• [DIRECTIONS]
With the pictures excluded, repeat every entry exactly.

Records drawn from a dataset
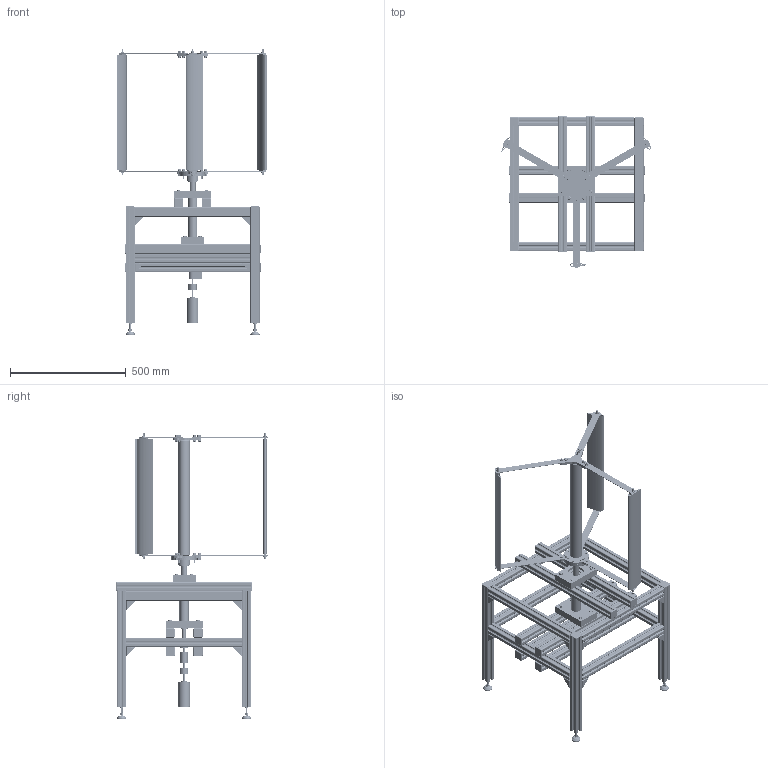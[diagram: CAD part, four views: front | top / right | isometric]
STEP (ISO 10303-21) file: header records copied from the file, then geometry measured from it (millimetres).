
FILE_DESCRIPTION(/* description */ (''),/* implementation_level */ '2;1');
FILE_NAME(/* name */ 'a-500133_A001-a--1_stp.stp',/* time_stamp */ '2018-01-17T11:43:08+01:00',/* author */ (''),/* organization */ (''),/* preprocessor_version */ 'ST-DEVELOPER v16',/* originating_system */ 'SIEMENS PLM Software NX 10.0',/* authorisation */ '');
FILE_SCHEMA (('AUTOMOTIVE_DESIGN { 1 0 10303 214 3 1 1 1 }'));
Length unit declared in the file: millimetre
Products named in the file (49): p-500133_P045-a--1; p-500133_P043-a--1; Stahlstuetze_V2; NACA0024_75; item_40x40_Verbindung; item_0041124_Winkel_8_40x40_Zn_weissaluminium_aehnlich_RAL_9006; Item_Fuss_2; Item_Fuss_3; item_40x40_oben; item_Abdeckkappe; Item_Fuss_1; n-0090_N02567-a--1; n-0090_N03027-a--1; n-0090_N30005-a--1; p-500133_P020-a--1; p-500133_P030-a--1; p-500133_P032-a--1; Rotor_oben; Rotor_Welle; Rotor_Flansch_oben; p-500133_P031-a--1; U-Scheibe M8; Mutter M8; RE50,Graphitbuersten,200W; Drehmomentkopplung-1; Drehmomentsensor; Drehmomentkopplung-2; p-500133_P042-a--1; Rotor_Flansch_unten; Rillenkugellager DIN 625-6006-2Z; p-500133_P040-a--1; Lagerhalterung; a-500133_A013-a--1; Nutprofil_item; n-0090_N15007-a--1; Schraube M8x40_richtig; 9_500133_P000-a--1; p-500133_P041-a--1; Item_Fuss; a_500133_A015-a--1_MODEL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
Assembly tree (164 placements, depth 4):
  a-500133_A001-a--1_stp
    a-500133_A010-a--1_NX-ARRAGMNTArrangement 1  x2
      Lagerhalterung
      p-500133_P040-a--1
      Rillenkugellager DIN 625-6006-2Z
    Item_Fuss  x4
    a-500133_A011-a--1
      Rotor_Flansch_unten
      p-500133_P042-a--1
      Drehmomentkopplung-2
      Drehmomentsensor
      Drehmomentkopplung-1
      RE50,Graphitbuersten,200W
    a-500133_A005-a--1_SOLID
      Wing V6_NACA0012_75NX-ARRAGMNTArrangement 2 NACA0024
        NACA0024_75  x5
        Stahlstuetze_V2
      Mutter M8  x5
      U-Scheibe M8  x9
      p-500133_P031-a--1  x2
      Rotor_Flansch_oben
      Rotor_Welle
      Rotor_oben
      p-500133_P032-a--1
      p-500133_P030-a--1
      p-500133_P020-a--1  x2
      a-500133_A012-a--1_MODEL  x6
        p-500133_P043-a--1
        p-500133_P045-a--1
      n-0090_N30005-a--1  x16
      n-0090_N15007-a--1  x21
      Wing V6_NX-ARRAGMNTArrangement 2 NACA0024  x2
        Stahlstuetze_V2
        NACA0024_75
      n-0090_N03027-a--1  x3
      n-0090_N02567-a--1  x9
    p-500133_P041-a--1
    9_500133_P000-a--1
    a_500133_A013-a--1_MODEL  x4
      Item_Fuss_1
      item_Abdeckkappe
      item_40x40_oben
      Item_Fuss_3
      Item_Fuss_2
    a_500133_A014-a--1_MODEL  x8
      item_40x40_oben
      item_0041124_Winkel_8_40x40_Zn_weissaluminium_aehnlich_RAL_9006
    a_500133_A015-a--1_MODEL  x6
      item_40x40_Verbindung
      item_Abdeckkappe
    Schraube M8x40_richtig  x8
    n-0090_N15007-a--1  x8
    Nutprofil_item  x4
    a-500133_A013-a--1
Bounding box: 646.61 x 656.5 x 1233 mm (x, y, z)
Volume: 8846483.6 mm3; surface area: 6958132 mm2
Topology: 177 solids, 177 shells, 8355 faces, 23091 edges, 15183 vertices
Faces by surface type: cylinder 3930, plane 3899, cone 426, bspline 68, torus 28, sphere 4
Full cylindrical faces by diameter (mm): 3.3 x4, 6.4 x16, 6.647 x4, 6.8 x51, 8 x67, 8.4 x29, 8.5 x50, 9 x29, 10 x27, 11 x4, 12 x5, 13 x12, 16 x30, 25 x1, 26 x4, 30 x4, 35.8 x2, 36 x3, 39 x4, 40 x3, 45 x2, 49 x1, 49.6 x1, 50 x3, 55 x4, 70 x2, 80 x4, 110 x1
Entity records: 41998 total; most frequent: CARTESIAN_POINT 6282, DIRECTION 6259, ORIENTED_EDGE 5440, EDGE_CURVE 2720, AXIS2_PLACEMENT_3D 2389, VERTEX_POINT 1868, LINE 1481, VECTOR 1481

• [RESPONSE BOX]
[diagram: CAD part, four views: front | top / right | isometric]
STEP (ISO 10303-21) file: header records copied from the file, then geometry measured from it (millimetres).
FILE_DESCRIPTION(/* description */ (''),/* implementation_level */ '2;1');
FILE_NAME(/* name */ 'a-500133_A001-a--1_stp.stp',/* time_stamp */ '2018-01-17T11:43:08+01:00',/* author */ (''),/* organization */ (''),/* preprocessor_version */ 'ST-DEVELOPER v16',/* originating_system */ 'SIEMENS PLM Software NX 10.0',/* authorisation */ '');
FILE_SCHEMA (('AUTOMOTIVE_DESIGN { 1 0 10303 214 3 1 1 1 }'));
Length unit declared in the file: millimetre
Products named in the file (49): p-500133_P045-a--1; p-500133_P043-a--1; Stahlstuetze_V2; NACA0024_75; item_40x40_Verbindung; item_0041124_Winkel_8_40x40_Zn_weissaluminium_aehnlich_RAL_9006; Item_Fuss_2; Item_Fuss_3; item_40x40_oben; item_Abdeckkappe; Item_Fuss_1; n-0090_N02567-a--1; n-0090_N03027-a--1; n-0090_N30005-a--1; p-500133_P020-a--1; p-500133_P030-a--1; p-500133_P032-a--1; Rotor_oben; Rotor_Welle; Rotor_Flansch_oben; p-500133_P031-a--1; U-Scheibe M8; Mutter M8; RE50,Graphitbuersten,200W; Drehmomentkopplung-1; Drehmomentsensor; Drehmomentkopplung-2; p-500133_P042-a--1; Rotor_Flansch_unten; Rillenkugellager DIN 625-6006-2Z; p-500133_P040-a--1; Lagerhalterung; a-500133_A013-a--1; Nutprofil_item; n-0090_N15007-a--1; Schraube M8x40_richtig; 9_500133_P000-a--1; p-500133_P041-a--1; Item_Fuss; a_500133_A015-a--1_MODEL
Assembly tree (164 placements, depth 4):
  a-500133_A001-a--1_stp
    a-500133_A010-a--1_NX-ARRAGMNTArrangement 1  x2
      Lagerhalterung
      p-500133_P040-a--1
      Rillenkugellager DIN 625-6006-2Z
    Item_Fuss  x4
    a-500133_A011-a--1
      Rotor_Flansch_unten
      p-500133_P042-a--1
      Drehmomentkopplung-2
      Drehmomentsensor
      Drehmomentkopplung-1
      RE50,Graphitbuersten,200W
    a-500133_A005-a--1_SOLID
      Wing V6_NACA0012_75NX-ARRAGMNTArrangement 2 NACA0024
        NACA0024_75  x5
        Stahlstuetze_V2
      Mutter M8  x5
      U-Scheibe M8  x9
      p-500133_P031-a--1  x2
      Rotor_Flansch_oben
      Rotor_Welle
      Rotor_oben
      p-500133_P032-a--1
      p-500133_P030-a--1
      p-500133_P020-a--1  x2
      a-500133_A012-a--1_MODEL  x6
        p-500133_P043-a--1
        p-500133_P045-a--1
      n-0090_N30005-a--1  x16
      n-0090_N15007-a--1  x21
      Wing V6_NX-ARRAGMNTArrangement 2 NACA0024  x2
        Stahlstuetze_V2
        NACA0024_75
      n-0090_N03027-a--1  x3
      n-0090_N02567-a--1  x9
    p-500133_P041-a--1
    9_500133_P000-a--1
    a_500133_A013-a--1_MODEL  x4
      Item_Fuss_1
      item_Abdeckkappe
      item_40x40_oben
      Item_Fuss_3
      Item_Fuss_2
    a_500133_A014-a--1_MODEL  x8
      item_40x40_oben
      item_0041124_Winkel_8_40x40_Zn_weissaluminium_aehnlich_RAL_9006
    a_500133_A015-a--1_MODEL  x6
      item_40x40_Verbindung
      item_Abdeckkappe
    Schraube M8x40_richtig  x8
    n-0090_N15007-a--1  x8
    Nutprofil_item  x4
    a-500133_A013-a--1
Bounding box: 646.61 x 656.5 x 1233 mm (x, y, z)
Volume: 8846483.6 mm3; surface area: 6958132 mm2
Topology: 177 solids, 177 shells, 8355 faces, 23091 edges, 15183 vertices
Faces by surface type: cylinder 3930, plane 3899, cone 426, bspline 68, torus 28, sphere 4
Full cylindrical faces by diameter (mm): 3.3 x4, 6.4 x16, 6.647 x4, 6.8 x51, 8 x67, 8.4 x29, 8.5 x50, 9 x29, 10 x27, 11 x4, 12 x5, 13 x12, 16 x30, 25 x1, 26 x4, 30 x4, 35.8 x2, 36 x3, 39 x4, 40 x3, 45 x2, 49 x1, 49.6 x1, 50 x3, 55 x4, 70 x2, 80 x4, 110 x1
Entity records: 41998 total; most frequent: CARTESIAN_POINT 6282, DIRECTION 6259, ORIENTED_EDGE 5440, EDGE_CURVE 2720, AXIS2_PLACEMENT_3D 2389, VERTEX_POINT 1868, LINE 1481, VECTOR 1481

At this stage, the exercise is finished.